Membrane Interactions

- Fusion

One pathway for molecules to enter or exit cells or organelles is through membrane fusion. Because of this, membrane fusion plays a key role in a variety of important biological processes, including exocytosis, endocytosis, synaptic transmission, fertilization, and viral infection. However, membranes do not fuse easily under normal circumstances. As a result, membrane fusion frequently requires special proteins and is subject to highly selective controls?a constraint that is crucial, both for maintaining the identity of the cell itself and for maintaining the individuality of each of the intracellular compartments. Research in our group is obtaining a quantitative handle on membrane fusion at the molecular level, by bringing to bear a wide range of theoretical and experimental methods that are not typically applied to biological systems. Experimentally, we study two-dimensional lipid monolayers at the air-water interface, supported lipid bilayers at the solid-solution interface, and vesicles in solution, since they are compositionally easy to alter for studying membrane fusion in realistic environments. By elucidating membrane interactions in model systems at the molecular level, we gain the ability to engineer and manipulate biomembranes that mimic real life systems. This is the key to a better understanding of the fundamental cellular process of fusion as well as the use and design of lipid based (liposomal) drug delivery systems, where the critical concern is how to achieve significant delivery of the therapeutic across biological membranes.

- Lipid Rafts

Do membrane lipids mix uniformly or are they arranged in discrete micro-domains? What is the functional significance of the various types of lipids, their ratios, and protein interactions in membranes? These questions are some of the most intriguing issues in membrane biology. We address these questions by studying model lipid membranes where the composition and packing of the lipids can be precisely controlled while simultaneously determining their structure, orientation, and dynamic motions.

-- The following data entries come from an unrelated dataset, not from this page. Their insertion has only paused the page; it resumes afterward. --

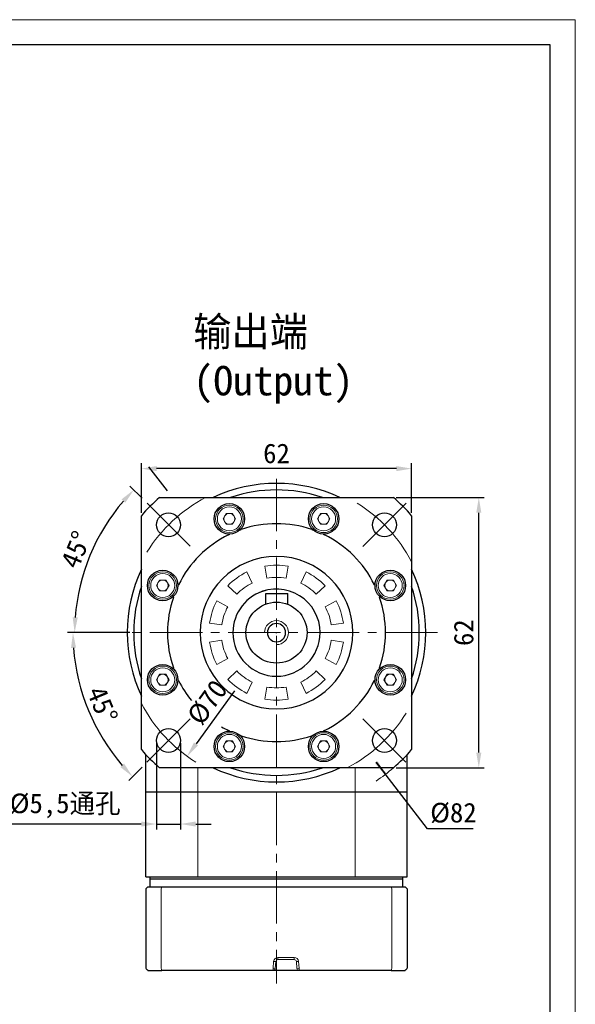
# Model space of a CAD drawing. Header units: millimetres. Extents: x 826 to 1311, y 1015 to 1358.
# Tile 9 of 9: x 1184 to 1311, y 1133 to 1358. Entities that reach past the tile are written whole.
import ezdxf

# ---------------------------------------------------------------- set-up
doc = ezdxf.new("R2010")
doc.units = ezdxf.units.MM
doc.header["$PDSIZE"] = -5
doc.linetypes.add('ACAD_ISO10W100', pattern=[18, 12, -3, 0, -3])
doc.linetypes.add('点画线', pattern=[18, 12, -2, 2, -2])
doc.layers.get('0').update_dxf_attribs({"lineweight": 18})
doc.layers.get('Defpoints').update_dxf_attribs({"lineweight": 18})
for name, color, linetype, lineweight in [('7中心线层', 7, '点画线', 18), ('中心线层', 7, 'ACAD_ISO10W100', 20), ('图框_外框线', 7, 'Continuous', 18), ('尺寸线', 7, 'Continuous', 18), ('尺寸线层', 3, 'Continuous', 18), ('标注线', 7, 'Continuous', 20), ('粗实线', 7, 'Continuous', 50)]:
    doc.layers.add(name, color=color, linetype=linetype, lineweight=lineweight)
doc.styles.add('工程字', font='txt')
doc.dimstyles.new('DIMSTYLE_17', dxfattribs={"dimtxt": 8, "dimasz": 12, "dimexe": 0.18, "dimexo": 0.0625, "dimgap": 0.09, "dimtad": 1, "dimtih": 1, "dimtoh": 1, "dimdec": 3, "dimdsep": 46, "dimtxsty": 'Standard', "dimblk": '_CAXARROW', "dimcen": 0.09, "dimdle": 24, "dimadec": 0, "dimazin": 0, "dimtfac": 0.7, "dimtdec": 3, "dimtofl": 0, "dimtmove": 0, "dimatfit": 3, "dimfxl": 1, "dimtolj": 1, "dimarcsym": 0})
doc.dimstyles.new('ISO-25', dxfattribs={"dimtxt": 4.5, "dimasz": 1, "dimexe": 1.25, "dimexo": 0.625, "dimtad": 1, "dimtxsty": '工程字', "dimcen": 2.5, "dimdle": 2, "dimadec": 0, "dimazin": 0, "dimtfac": 1, "dimtmove": 0, "dimatfit": 3, "dimfxl": 1, "dimarcsym": 0})

# ---------------------------------------------------------------- blocks, each defined once
blk = doc.blocks.new('*X21')
at = {"layer": 'Defpoints', "color": 0}
for p in [(1269.72, 1248.83), (1289.29, 1248.83), (1269.72, 1186.83)]:
    blk.add_point(p, dxfattribs=at)
at = {"layer": '尺寸线层', "color": 0, "linetype": 'ByBlock', "lineweight": -2}
for p, q in [((1270.34, 1248.83), (1290.54, 1248.83)), ((1289.29, 1190.33), (1289.29, 1245.33)), ((1270.34, 1186.83), (1290.54, 1186.83))]:
    blk.add_line(p, q, dxfattribs=at)
at = {"layer": '尺寸线层', "color": 0}
for points in [[(1289.87, 1245.33), (1288.7, 1245.33), (1289.29, 1248.83)], [(1288.7, 1190.33), (1289.87, 1190.33), (1289.29, 1186.83)]]:
    blk.add_solid(points, dxfattribs=at)
at = {"layer": '尺寸线层', "color": 0, "insert": (1285.84, 1217.83), "char_height": 4.5, "attachment_point": 5, "rotation": 90, "style": '工程字'}
blk.add_mtext('\\A1;62', dxfattribs=at)
blk = doc.blocks.new('*X22')
at = {"layer": 'Defpoints', "color": 0}
for p in [(1211.88, 1255.47), (1211.88, 1244.67), (1273.88, 1244.67)]:
    blk.add_point(p, dxfattribs=at)
at = {"layer": '尺寸线层', "color": 0, "linetype": 'ByBlock', "lineweight": -2}
for p, q in [((1211.88, 1245.29), (1211.88, 1256.72)), ((1273.88, 1245.29), (1273.88, 1256.72)), ((1270.38, 1255.47), (1215.38, 1255.47))]:
    blk.add_line(p, q, dxfattribs=at)
at = {"layer": '尺寸线层', "color": 0}
for points in [[(1215.38, 1256.05), (1215.38, 1254.88), (1211.88, 1255.47)], [(1270.38, 1254.88), (1270.38, 1256.05), (1273.88, 1255.47)]]:
    blk.add_solid(points, dxfattribs=at)
at = {"layer": '尺寸线层', "color": 0, "insert": (1242.88, 1258.92), "char_height": 4.5, "attachment_point": 5, "style": '工程字'}
blk.add_mtext('\\A1;62', dxfattribs=at)
blk = doc.blocks.new('*X23')
at = {"layer": 'Defpoints', "color": 0}
for p in [(1263.39, 1246.2), (1222.38, 1189.47)]:
    blk.add_point(p, dxfattribs=at)
at = {"layer": '尺寸线层', "color": 0, "linetype": 'ByBlock', "lineweight": -2}
blk.add_line((1233.23, 1204.48), (1224.43, 1192.3), dxfattribs=at)
at = {"layer": '尺寸线层', "color": 0}
blk.add_solid([(1223.96, 1192.65), (1224.9, 1191.96), (1222.38, 1189.47)], dxfattribs=at)
at = {"layer": '尺寸线层', "color": 0, "insert": (1227.06, 1201.83), "char_height": 4.5, "attachment_point": 5, "rotation": 54.14, "style": '工程字'}
blk.add_mtext('\\A1;%%C70', dxfattribs=at)
blk = doc.blocks.new('*X24')
at = {"layer": 'Defpoints', "color": 0}
for p in [(1209.88, 1217.83), (1275.88, 1217.83), (1199.75, 1199.97), (1223.79, 1198.74), (1212.48, 1187.43)]:
    blk.add_point(p, dxfattribs=at)
at = {"layer": '尺寸线层', "color": 0, "linetype": 'ByBlock', "lineweight": -2}
for p, q in [((1209.26, 1217.83), (1194.95, 1217.83)), ((1212.04, 1186.99), (1208.99, 1183.94))]:
    blk.add_line(p, q, dxfattribs=at)
blk.add_arc((1242.88, 1217.83), 46.68, 184.2966, 220.7034, dxfattribs=at)
at = {"layer": '尺寸线层', "color": 0}
for points in [[(1196.91, 1214.36), (1195.75, 1214.31), (1196.2, 1217.83)], [(1207.07, 1186.99), (1207.92, 1187.79), (1209.87, 1184.82)]]:
    blk.add_solid(points, dxfattribs=at)
at = {"layer": '尺寸线层', "color": 0, "insert": (1202.94, 1201.29), "char_height": 4.5, "attachment_point": 5, "rotation": 292.5, "style": '工程字'}
blk.add_mtext('\\A1;45%%d', dxfattribs=at)
blk = doc.blocks.new('*X25')
at = {"layer": 'Defpoints', "color": 0}
for p in [(1212.48, 1248.24), (1223.79, 1236.93), (1200.1, 1235.55), (1209.88, 1217.83), (1275.88, 1217.83)]:
    blk.add_point(p, dxfattribs=at)
at = {"layer": '尺寸线层', "color": 0, "linetype": 'ByBlock', "lineweight": -2}
for p, q in [((1212.04, 1248.68), (1209.26, 1251.46)), ((1209.26, 1217.83), (1195.33, 1217.83))]:
    blk.add_line(p, q, dxfattribs=at)
blk.add_arc((1242.88, 1217.83), 46.31, 139.3317, 175.6683, dxfattribs=at)
at = {"layer": '尺寸线层', "color": 0}
for points in [[(1208.19, 1247.61), (1207.33, 1248.41), (1210.14, 1250.58)], [(1196.13, 1221.35), (1197.29, 1221.31), (1196.58, 1217.83)]]:
    blk.add_solid(points, dxfattribs=at)
at = {"layer": '尺寸线层', "color": 0, "insert": (1196.91, 1236.87), "char_height": 4.5, "attachment_point": 5, "rotation": 67.5, "style": '工程字'}
blk.add_mtext('\\A1;45%%d', dxfattribs=at)
blk = doc.blocks.new('_CAXARROW')
blk.add_hatch(color=0).paths.add_polyline_path([(0, 0), (-1, 0.125), (-1, -0.125)], flags=0)
blk = doc.blocks.new('*X26')
at = {"layer": 'Defpoints', "color": 0}
for p in [(1217.88, 1250.33), (1267.89, 1185.34)]:
    blk.add_point(p, dxfattribs=at)
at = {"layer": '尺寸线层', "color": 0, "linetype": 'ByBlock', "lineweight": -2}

- Ligand-Receptor Interactions and Cellular Adhesion


Dynamic conditions are prevalent in cell adhesion events. For instance, the response of the immune system to infection involves the attachment and migration through tissues of patrolling cells in the circulating blood and lymph. Also, cell spreading and locomotion are achieved by coordinated attachment-detachment sequences. The clarification and relation between the range of attraction of a given ligand-receptor pair and the time required to bind is therefore crucial for our understanding of adhesion mechanisms and our ability to design biomimetic adhesive materials. Using Mother Nature as a template, we design model membrane systems to directly measure the adhesion between membranes as a function ligand-receptor bond strength, density of receptors, contact mechanics and dynamics. We then fold this fundamental physical understanding into simulations in order to obtain predictive abilities for rational engineering of biomimetic surfaces and liposomal based, targeted drug delivery systems.

Biosensing Membranes

- This is a brand new project supported by CPIMA (Center on Polymer Interfaces and Macromolecular Assemblies) an NSF-MERSEC Center bewtween Stanford, IBM and UC Davis. By combining polymer self-assembly and semi-conductor photolithography techniques, we are developing a novel platform technology for high throughput screening. More details will follow as this project evolves.